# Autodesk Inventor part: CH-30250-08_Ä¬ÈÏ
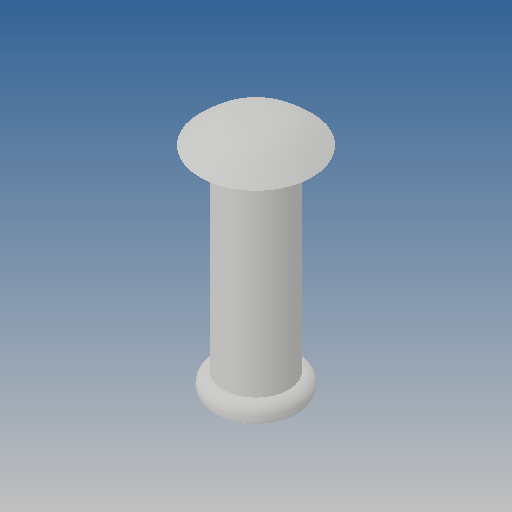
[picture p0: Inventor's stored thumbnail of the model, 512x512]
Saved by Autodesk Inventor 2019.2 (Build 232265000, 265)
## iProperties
Created: 2010-06
Part Number: CH-30250-08_Ä¬ÈÏ
Material: Ogólny
Document SubType Name: Modeling
Designer: CADENGINEERING4
Density: 1 g/cm^3
Appearance: Domyślna
Author: CADENGINEERING4
Revision Number: ÈÎºÎ
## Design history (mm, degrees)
feature "NONE"
node "Bryła1"
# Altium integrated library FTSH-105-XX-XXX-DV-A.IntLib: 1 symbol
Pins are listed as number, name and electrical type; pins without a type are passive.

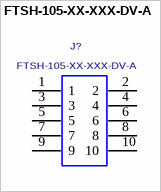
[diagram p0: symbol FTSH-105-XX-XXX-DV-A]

## FTSH-105-XX-XXX-DV-A
designator J?
0.050 INCH DOUBLE VERTICAL SMT TERMINAL STIP.; MANUFACTURER: SAMTEC
footprint FTSH-105-XX-XXX-DV-A
pins: 1, 2, 3, 4, 5, 6, 7, 8, 9, 10
++++++++
» **What to do**:
Retype only the stretch of lines above starting at the one with "[picture p0: Inventor's" and stopping at the one with "# Altium integrated", exactly as written, with both kept.

» **Output of the task**:
[picture p0: Inventor's stored thumbnail of the model, 512x512]
Saved by Autodesk Inventor 2019.2 (Build 232265000, 265)
## iProperties
Created: 2010-06
Part Number: CH-30250-08_Ä¬ÈÏ
Material: Ogólny
Document SubType Name: Modeling
Designer: CADENGINEERING4
Density: 1 g/cm^3
Appearance: Domyślna
Author: CADENGINEERING4
Revision Number: ÈÎºÎ
## Design history (mm, degrees)
feature "NONE"
node "Bryła1"
# Altium integrated library FTSH-105-XX-XXX-DV-A.IntLib: 1 symbol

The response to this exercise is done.